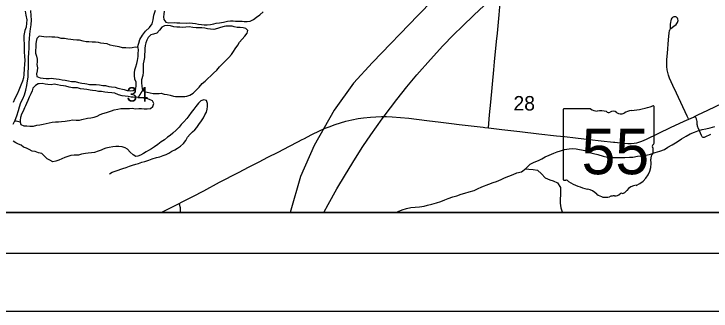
# Model space of a CAD drawing. Extents: x 0 to 1067, y 0 to 440.
# Drawn here: x 227.4 to 348.6, y 0 to 51.6 of the extents above; entities that cross this region are included whole.
import ezdxf

# ---------------------------------------------------------------- set-up
doc = ezdxf.new("R2010")
doc.units = 0
for name, color, linetype in [('GM_X_City_Street', 7, 'Continuous'), ('GM_X_County_Road', 7, 'Continuous'), ('GM_X_Major_River', 7, 'Continuous'), ('GM_X_Minor_Lake', 7, 'Continuous'), ('GM_X_Minor_River', 7, 'Continuous'), ('GM_X_Rail_Line', 7, 'Continuous'), ('GM_X_Section_Text', 7, 'Continuous'), ('GM_X_State_Location', 7, 'Continuous'), ('GM_X_State_Route', 7, 'Continuous'), ('GM_X_State_Shield', 7, 'Continuous'), ('GM_X_Township_Road', 7, 'Continuous'), ('SH_Border', 7, 'Continuous'), ('SH_Cut_Line', 7, 'Continuous'), ('SH_Text', 7, 'Continuous')]:
    doc.layers.add(name, color=color, linetype=linetype)

msp = doc.modelspace()

# ---------------------------------------------------------------- linework, layer by layer
at = {"layer": 'GM_X_City_Street'}
for points in [[(344.76, 33.32), (344.72, 33.41), (344.5, 33.86), (342.65, 37.82), (341.99, 39.2), (341.42, 40.46), (341.23, 40.95), (341.1, 41.42), (341.01, 41.9), (340.94, 42.46), (340.92, 43.03), (340.94, 43.66), (341.04, 44.78), (341.26, 47.12), (341.37, 48.32), (341.41, 48.64), (341.46, 48.84), (341.52, 48.98), (341.64, 49.09), (342.18, 49.48), (342.55, 49.77), (342.7, 49.94), (342.79, 50.1), (342.85, 50.26), (342.89, 50.48), (342.88, 50.68), (342.83, 50.85), (342.76, 50.95), (342.65, 51.03), (342.5, 51.08), (342.35, 51.1), (342.18, 51.09), (342.05, 51.05), (341.94, 50.98), (341.82, 50.85), (341.71, 50.67), (341.62, 50.43), (341.57, 50.19), (341.52, 49.75), (341.51, 49.41), (341.5, 49.02)], [(348.56, 30.65), (347.56, 30.18), (347.46, 30.15), (347.35, 30.14), (347.25, 30.16), (347.15, 30.2), (347.07, 30.28), (347.01, 30.36), (346.95, 30.47), (346.37, 31.81), (346.32, 31.95), (346.29, 32.1), (346.26, 32.24), (346.24, 32.39), (346.22, 32.6), (346.2, 32.91), (346.17, 33.13), (346.13, 33.26), (346.09, 33.38), (346.04, 33.5), (345.89, 33.85)]]:
    msp.add_lwpolyline(points, dxfattribs=at)
at = {"layer": 'GM_X_County_Road'}
msp.add_lwpolyline([(309.92, 31.81), (310.12, 34.06), (310.32, 36.28), (310.87, 41.91), (311, 43.28), (311.35, 46.83), (311.48, 48.24), (311.79, 51.47), (311.99, 53.51), (312.23, 55.99), (312.6, 59.78), (312.83, 62.08)], dxfattribs=at)
at = {"layer": 'GM_X_Major_River'}
for points in [[(227.27, 32.46), (227.63, 33.16), (227.94, 33.93), (228.23, 34.84), (228.4, 35.45), (228.62, 36.23), (228.97, 36.88), (229.24, 37.56), (229.48, 38.36), (229.66, 39.18), (229.76, 39.97), (229.87, 40.63), (229.9, 41.45), (229.94, 42.32), (229.97, 44.05), (230.01, 44.78), (230.05, 45.7), (230.04, 46.63), (230.1, 47.25), (230.18, 48.09), (230.29, 49.02), (230.4, 49.71), (230.44, 50.55), (230.4, 51.28), (230.33, 52.2)], [(229.34, 52.08), (229.49, 51.39), (229.64, 50.59), (229.62, 49.97), (229.54, 49.33), (229.33, 48.72), (229.13, 47.84), (229.14, 47.13), (229.17, 46.4), (229.2, 45.69), (229.19, 44.96), (229.25, 44.25), (229.28, 43.52), (229.24, 42.88), (229.21, 42.08), (229.14, 41.1), (229.06, 40.51), (228.87, 39.9), (228.63, 39.24), (228.27, 38.36), (227.96, 37.68), (227.58, 36.91), (227.29, 36.23)]]:
    msp.add_lwpolyline(points, dxfattribs=at)
at = {"layer": 'GM_X_Minor_Lake'}
for points in [[(253.55, 52.09), (253.47, 51.55), (253.44, 51.07), (253.5, 50.61), (253.84, 50.15), (254.32, 50.08), (255.37, 50.11), (255.75, 50.08), (256.28, 50.03), (257.5, 50.01), (258.01, 50.03), (258.48, 50.02), (258.96, 49.95), (259.48, 49.83), (260.03, 49.75), (260.51, 49.72), (261.01, 49.72), (261.62, 49.78), (262.17, 49.91), (262.58, 49.99), (263.15, 50.08), (263.84, 50.16), (264.52, 50.33), (265.07, 50.42), (265.55, 50.39), (265.94, 50.36), (266.55, 50.37), (267.1, 50.32), (267.44, 50.29), (267.96, 50.29), (268.47, 50.37), (269.08, 50.66), (269.59, 51.04), (270.17, 51.44), (270.74, 51.94)], [(264.25, 43.53), (264.8, 44.02), (265.22, 44.56), (265.59, 45.06), (265.87, 45.55), (266.33, 46.16), (266.64, 46.68), (267.12, 47.2), (267.56, 47.74), (267.96, 48.26), (268.1, 48.74), (267.76, 49.08), (267.29, 49.2), (266.76, 49.25), (266.2, 49.26), (265.72, 49.38), (265.33, 49.46), (264.28, 49.47), (263.94, 49.43), (263.35, 49.23), (262.8, 49.06), (262.18, 48.88), (261.59, 48.94), (261.07, 49.01), (260.59, 49.15), (260.09, 49.18), (259.57, 49.21), (259.07, 49.2), (258.5, 49.25), (257.86, 49.35), (257.29, 49.29), (256.79, 49.27), (256.24, 49.33), (255.74, 49.33), (255.24, 49.38), (254.65, 49.51), (254.15, 49.58), (253.6, 49.56), (253.12, 49.28), (252.7, 48.78), (252.24, 48.28), (251.69, 48.11), (251.19, 47.96), (250.75, 47.53), (250.52, 47.05), (250.35, 46.6), (250.23, 46.12), (250.2, 45.62), (250.19, 45.08), (250.14, 44.58), (250.09, 44.01), (249.99, 43.48), (249.91, 42.94), (249.86, 42.44), (249.88, 41.91), (249.89, 41.46), (249.84, 40.93), (249.62, 40.14)], [(231.8, 47.73), (231.41, 47.31), (231.27, 46.83), (231.22, 46.38), (231.21, 45.81), (231.18, 45.26), (231.17, 44.76), (231.32, 44.26), (231.43, 43.73), (231.47, 43.27), (231.39, 42.8), (231.48, 42.25), (231.47, 41.72), (231.35, 41.22), (231.37, 40.72), (231.98, 40.49), (232.5, 40.46), (233.02, 40.4), (233.55, 40.4), (233.89, 40.42), (234.28, 40.36), (234.75, 40.34), (235.3, 40.26), (235.8, 40.16), (236.3, 40.09), (236.87, 39.97), (237.41, 39.87), (238.05, 39.84), (238.64, 39.71), (239.21, 39.59), (239.71, 39.5), (240.07, 39.44), (240.55, 39.35), (241.16, 39.32), (241.71, 39.33), (242.26, 39.3), (242.85, 39.2), (243.32, 39.15), (243.94, 39.01), (244.37, 38.95), (245.01, 38.86), (245.48, 38.71), (246.57, 38.47), (247.09, 38.33), (247.62, 38.25), (248.14, 38.31), (248.44, 38.52)], [(248.44, 38.52), (248.6, 38.63), (248.68, 39.13), (248.66, 39.74), (248.46, 40.29), (248.36, 40.88), (248.37, 41.39), (248.42, 41.89), (248.63, 42.43), (248.78, 43), (248.87, 43.52), (249.02, 44.18), (249.03, 44.75), (249.06, 45.3), (249.02, 45.77), (248.5, 45.83), (247.99, 45.74), (247.47, 45.68), (246.85, 45.69), (246.31, 45.72), (245.72, 45.89), (244.67, 46.04), (244.13, 46.18), (243.61, 46.39), (243.06, 46.47), (242.54, 46.54), (242.13, 46.64), (241.58, 46.72), (240.99, 46.72), (240.45, 46.75), (239.99, 46.76), (239.47, 46.86), (238.81, 47.03), (238.33, 47.06), (237.69, 47.11), (237.33, 47.18), (236.79, 47.24), (236.22, 47.31), (235.63, 47.34), (235.08, 47.49), (234.53, 47.54), (233.97, 47.59), (233.56, 47.6), (233.01, 47.56), (231.8, 47.73)], [(249.62, 40.14), (249.59, 39.62), (249.65, 39.07), (249.72, 38.57), (250.07, 38.15), (250.55, 38.01), (251.12, 37.89), (251.64, 37.81), (252.19, 37.78), (252.67, 37.8), (253.01, 37.82), (253.53, 37.69), (254.03, 37.6), (254.58, 37.48), (255.17, 37.31), (255.51, 37.26), (256.05, 37.25), (256.64, 37.27), (257.1, 37.28), (257.47, 37.32), (257.99, 37.52), (258.57, 37.86), (259.1, 38.35), (259.61, 38.91), (260.14, 39.52), (260.65, 39.95), (261.13, 40.37), (261.64, 40.87), (262.12, 41.3), (262.68, 41.84), (263.16, 42.4), (263.69, 42.94), (264.25, 43.53)], [(231.62, 39.49), (231.14, 39.18), (230.7, 38.73), (230.56, 38.27), (230.32, 37.73), (230.06, 37.16), (229.8, 36.57), (229.59, 36.03), (229.4, 35.64), (229.24, 35.28), (229, 34.72), (228.72, 34.2), (228.56, 33.63), (228.48, 33.17), (228.5, 32.83), (228.61, 32.37), (229.13, 32.14), (229.67, 32.15), (230.2, 32.08), (230.81, 32.12), (231.38, 32.27), (231.89, 32.35), (232.48, 32.46), (233.03, 32.59), (233.53, 32.67), (234.06, 32.78), (234.63, 32.86), (235.13, 32.88), (235.68, 32.92), (236.29, 32.98), (236.68, 33.02), (237.07, 33.08), (237.59, 33.19), (238.25, 33.16), (238.82, 33.17), (239.19, 33.26), (240.19, 33.47), (240.76, 33.58), (241.36, 33.69), (241.91, 33.84), (242.39, 34.13), (242.89, 34.3), (243.53, 34.48), (244.01, 34.63), (244.36, 34.76), (244.86, 34.96), (245.45, 35.07), (245.98, 35.15), (246.43, 35.15), (247.03, 35.18), (247.53, 35.2), (247.98, 35.22), (248.53, 35.14), (249.15, 35.16)], [(249.15, 35.16), (249.58, 35.15), (250.08, 35.1), (250.6, 35.11), (251.15, 35.15), (251.54, 35.53), (251.75, 36.03), (251.49, 36.49), (250.99, 36.73), (250.51, 36.89), (250.15, 36.94), (249.63, 37.02), (249.13, 37.11), (248.12, 37.13), (247.78, 37.16), (247.26, 37.28), (246.76, 37.31), (246.21, 37.36), (245.58, 37.57), (244.95, 37.83), (244.42, 37.88), (243.74, 37.94), (243.19, 38.04), (242.65, 38.11), (242.1, 38.12), (241.63, 38.22), (241.06, 38.29), (240.67, 38.37), (240.1, 38.46), (239.56, 38.52), (238.99, 38.62), (238.49, 38.74), (237.97, 38.79), (237.58, 38.77), (237.03, 38.89), (236.42, 39.08), (236.04, 39.13), (235.51, 39.16), (234.97, 39.26), (234.4, 39.38), (233.9, 39.3), (233.33, 39.33), (232.83, 39.4), (232.31, 39.53), (231.78, 39.49), (231.62, 39.49)], [(257.29, 29.6), (257.59, 30.17), (258.06, 30.73), (258.47, 31.11), (258.84, 31.47), (259.24, 31.88), (259.58, 32.4), (260.03, 33.05), (260.4, 33.53), (260.63, 34.07), (260.87, 34.54), (261.03, 35.04), (261.09, 35.54), (261.07, 36.05), (260.92, 36.55), (260.42, 36.67), (259.91, 36.49), (259.52, 36.09), (259.06, 35.55), (258.69, 35.07), (258.25, 34.47), (257.81, 33.92), (257.48, 33.45), (256.97, 32.86), (256.51, 32.37), (256.12, 31.94), (255.63, 31.42), (255.05, 30.91), (254.55, 30.5), (254.11, 30.19), (253.58, 29.76), (253.03, 29.36), (252.45, 28.94), (251.88, 28.53), (251.33, 28.18), (250.8, 27.89), (250.38, 27.66), (249.92, 27.35), (249.44, 27.06), (248.96, 26.89), (248.62, 26.82), (248.12, 27.12), (247.63, 27.61), (247.18, 28.09), (246.73, 28.37), (246.21, 28.54), (245.66, 28.55), (245.11, 28.6), (244.59, 28.54), (243.97, 28.41), (243.4, 28.3), (242.92, 28.11), (242.55, 27.95), (242.03, 27.78), (241.39, 27.56), (240.88, 27.45), (240.34, 27.41), (239.86, 27.37), (239.13, 27.22), (238.62, 27.09), (237.89, 27.06), (237.32, 27.04), (236.8, 26.84), (236.25, 26.67), (235.74, 26.45), (235.2, 26.23), (234.69, 26.03), (234.17, 25.94), (233.67, 26.18), (233.17, 26.43), (232.74, 26.9), (232.27, 27.38), (231.7, 27.46), (231.09, 27.69), (230.55, 27.77), (230.05, 28.07), (229.57, 28.26), (229.05, 28.49), (228.67, 28.8), (228.22, 29.01), (227.72, 29.24), (227.27, 29.48)], [(244.02, 23.81), (244.48, 24.1), (245.03, 24.29), (245.51, 24.47), (246.01, 24.62), (246.36, 24.76), (246.91, 24.95), (247.53, 25.17), (248.03, 25.35), (248.6, 25.52), (249.06, 25.63), (249.63, 25.85), (250.18, 25.98), (250.84, 26.2), (251.42, 26.42), (252.22, 26.64), (252.79, 26.79), (253.34, 26.99), (253.91, 27.19), (254.34, 27.41), (254.87, 27.76), (255.38, 28.01), (255.86, 28.28), (256.37, 28.63), (256.87, 29.08), (257.29, 29.6)]]:
    msp.add_lwpolyline(points, dxfattribs=at)
at = {"layer": 'GM_X_Minor_River'}
for points in [[(248.92, 45.78), (249.14, 46.55), (249.33, 47.16), (249.75, 47.91), (250.29, 48.61), (251, 49.26), (251.47, 49.87), (251.61, 50.59), (251.74, 51.41), (252.05, 52.23)], [(227.55, 33.01), (227.82, 33.05), (228.5, 32.85)], [(309.98, 22.06), (310.74, 22.32), (311.31, 22.51), (312.11, 22.86), (312.73, 23.13), (313.47, 23.41), (314.2, 23.74), (314.84, 23.98), (315.67, 24.19), (316.45, 24.77), (317.17, 25.51), (317.88, 25.86), (318.62, 26.17), (319.19, 26.43), (319.77, 26.79), (320.48, 27.05), (321.3, 27.42), (321.88, 27.64), (322.45, 27.84), (323.18, 28.05), (323.98, 28.2), (324.58, 28.24), (325.17, 28.16), (326.67, 27.9), (327.5, 27.55), (328.18, 27.35), (328.95, 27.16), (329.86, 26.89), (330.61, 26.74), (331.52, 26.64), (332.25, 26.65), (332.84, 26.66), (333.66, 26.67), (334.43, 26.72), (335.05, 26.74), (335.83, 26.88), (336.62, 26.98), (337.35, 27.08), (338.13, 27.25), (338.89, 27.54), (339.73, 27.75), (340.54, 28.08), (341.14, 28.46), (341.87, 28.85), (342.75, 29.39), (343.51, 29.9), (344.29, 30.36), (344.98, 30.76), (345.74, 31.07), (346.31, 31.28), (347.09, 31.54), (347.73, 31.65), (348.46, 31.8), (349.31, 32.03)], [(316.34, 24.69), (316.95, 24.65), (317.68, 24.59), (318.45, 24.49), (319.17, 23.84), (319.77, 23.14), (320.59, 22.79), (321.17, 22.64), (321.94, 22.29), (322.43, 21.48), (322.46, 20.82), (322.43, 20.09), (322.4, 19.52), (322.4, 18.72), (322.5, 17.95), (322.72, 17.24), (322.78, 17.11)], [(293.91, 17.11), (294.23, 17.26), (294.94, 17.59), (295.7, 17.79), (296.45, 17.96), (297.18, 18.03), (297.91, 18.09), (298.76, 18.21), (299.35, 18.36), (300.1, 18.55), (300.88, 18.79), (301.64, 19.03), (302.35, 19.34), (302.95, 19.53), (303.75, 19.81), (304.41, 20.03), (305.21, 20.31), (305.83, 20.49), (306.57, 20.72), (307.44, 20.96), (308.03, 21.22), (308.79, 21.58), (309.98, 22.06)]]:
    msp.add_lwpolyline(points, dxfattribs=at)
at = {"layer": 'GM_X_Rail_Line'}
for points in [[(330.43, 84.61), (324.5, 78.63), (310.59, 64.57), (297.7, 51.37), (289.79, 43.17), (286.47, 39.55), (283.11, 34.86), (279.61, 28.76), (277.25, 23.39), (275.45, 17.11)], [(281.31, 17.11), (282.06, 18.52), (283.58, 21.24), (285.05, 23.74), (286.82, 26.55), (288.11, 28.57), (289.49, 30.6), (291.47, 33.38), (292.88, 35.27), (294.01, 36.75), (295.75, 38.93), (297.48, 41.04), (299.85, 43.69), (302.01, 46.04), (303.85, 47.95), (305.4, 49.48), (307.36, 51.37), (309.16, 53.05)]]:
    msp.add_lwpolyline(points, dxfattribs=at)
at = {"layer": 'GM_X_State_Route'}
for points in [[(331.89, 29.32), (333.27, 29.17), (334.15, 29.1), (334.75, 29.1), (335.27, 29.14), (335.72, 29.22), (336.09, 29.31), (336.61, 29.51), (337.4, 29.86), (341.58, 31.85), (343.95, 32.95), (344.76, 33.32), (345.56, 33.7), (345.89, 33.85), (346.35, 34.07), (348.08, 34.9), (350.64, 36.11), (351.62, 36.57)], [(280.69, 31.37), (281.43, 31.7), (281.68, 31.81), (282.2, 32.02), (283.28, 32.42), (284.17, 32.71), (285.14, 32.97), (286.15, 33.22), (287.25, 33.43), (288.21, 33.57), (289.39, 33.69), (290.34, 33.75), (291.32, 33.78)], [(291.32, 33.78), (291.54, 33.78), (292.2, 33.78)], [(292.2, 33.78), (293.21, 33.74), (294.61, 33.64), (296.09, 33.47), (299.23, 33.07), (301.64, 32.79), (303.49, 32.57)], [(303.49, 32.57), (304.86, 32.42), (309, 31.92), (309.31, 31.88)], [(309.31, 31.88), (309.92, 31.81), (312.26, 31.54), (315.37, 31.17), (318.7, 30.8), (321.75, 30.45)], [(277.8, 29.92), (279.23, 30.65), (280.52, 31.3), (280.69, 31.37)], [(321.75, 30.45), (323.18, 30.29), (325.07, 30.07), (327.48, 29.81), (329.53, 29.57), (331.65, 29.35), (331.89, 29.32)], [(253.01, 17.11), (254.51, 17.87), (256.15, 18.68), (256.67, 18.95), (258.52, 19.91), (260.41, 20.9), (263.17, 22.36), (266.46, 24.04), (268.34, 25.03), (270.03, 25.9), (271.58, 26.71), (273.34, 27.6), (275.35, 28.66), (276.79, 29.4)], [(276.79, 29.4), (277.54, 29.79), (277.8, 29.92)]]:
    msp.add_lwpolyline(points, dxfattribs=at)
at = {"layer": 'GM_X_State_Shield'}
for p, q in [((338.73, 29.14), (338.73, 35.42)), ((322.91, 34.92), (322.91, 22.91)), ((327.7, 35.13), (323.06, 35.13)), ((338.73, 29.14), (338.73, 29.14))]:
    msp.add_line(p, q, dxfattribs=at)
for centre, radius, start, end in [((333.09, 51.5), 16.78, 275.8445, 288.9065), ((338.55, 35.45), 0.176, 351.8621, 97.738), ((323.09, 34.94), 0.183, 98.1301, 188.1301), ((328.8, 36.52), 1.78, 231.6195, 271.1119), ((329.39, 28.38), 6.38, 80.4867, 94.9883), ((330.84, 35.01), 0.513, 219.7921, 297.1024), ((331.59, 33.62), 1.07, 54.4667, 119.1411), ((332.97, 35.52), 1.28, 233.8562, 294.8282), ((335.23, 31.46), 3.38, 97.3462, 120.7689), ((338.54, 29.12), 0.188, 289.6038, 7.7341), ((338.69, 28.68), 0.273, 107.944, 210.337), ((336.95, 27.89), 1.64, 340.033, 23.6496), ((339.36, 26.51), 1.19, 136.8065, 186.9296), ((334.03, 25.71), 4.2, 292.3089, 8.9858), ((323.09, 22.89), 0.185, 171.9584, 258.3066), ((323.12, 24.11), 1.41, 267.339, 280.6039), ((323.41, 22.22), 0.509, 29.7484, 93.2717), ((329.83, 33.01), 12.12, 240.4129, 257.1985), ((335.8, 19.54), 2.3, 94.4031, 142.5768), ((326.22, 17.52), 3.79, 47.1842, 75.836), ((332.89, 21.75), 1.36, 282.8732, 323.2771), ((330.32, 22.16), 2.41, 230.7004, 286.2918), ((331.71, 18.01), 1.98, 85.6951, 111.2099), ((331.89, 21.26), 1.28, 268.777, 315.5493), ((333.04, 20.1), 0.361, 65.7517, 132.6484)]:
    msp.add_arc(centre, radius, start, end, dxfattribs=at)
at = {"layer": 'GM_X_Township_Road'}
for points in [[(256.36, 17.11), (256.36, 17.19), (256.37, 17.53), (256.36, 17.72), (256.35, 17.91), (256.32, 18.1), (256.24, 18.38), (256.15, 18.68)], [(216.02, 17.11), (539, 17.11)]]:
    msp.add_lwpolyline(points, dxfattribs=at)
at = {"layer": 'SH_Border'}
msp.add_lwpolyline([(30, 430), (670, 430), (670, 10), (30, 10)], close=True, dxfattribs=at)
at = {"layer": 'SH_Cut_Line'}
msp.add_lwpolyline([(0, 0), (680, 0), (680, 440), (0, 440)], close=True, dxfattribs=at)
at = {"layer": 'SH_Text'}
msp.add_lwpolyline([(131, 425.11), (539, 425.11), (539, 17.11), (131, 17.11)], close=True, dxfattribs=at)

# ---------------------------------------------------------------- texts
at = {"layer": 'GM_X_Section_Text'}
for s, p in [('34', (247, 36.38)), ('28', (314.28, 34.83))]:
    msp.add_text(s, height=2.511, rotation=0, dxfattribs=at).set_placement(p)
at = {"layer": 'GM_X_State_Location'}
for s in ['s', 'r']:
    msp.add_text(s, height=0.0114, dxfattribs=at).set_placement((330.64, 28.12))
msp.add_text('55', height=0.0114, rotation=0, dxfattribs=at).set_placement((327.78, 27.29))
at = {"layer": 'GM_X_State_Shield'}
msp.add_text('55', height=7.91, dxfattribs=at).set_placement((326.11, 23.76))

doc.saveas('drawing.dxf')
● ● ● ● ● ● ●
-- Your assignment --
Scan the material above for the word "True", and copy each line where it appears.

-- Finished task --
msp.add_lwpolyline([(30, 430), (670, 430), (670, 10), (30, 10)], close=True, dxfattribs=at)
msp.add_lwpolyline([(0, 0), (680, 0), (680, 440), (0, 440)], close=True, dxfattribs=at)
msp.add_lwpolyline([(131, 425.11), (539, 425.11), (539, 17.11), (131, 17.11)], close=True, dxfattribs=at)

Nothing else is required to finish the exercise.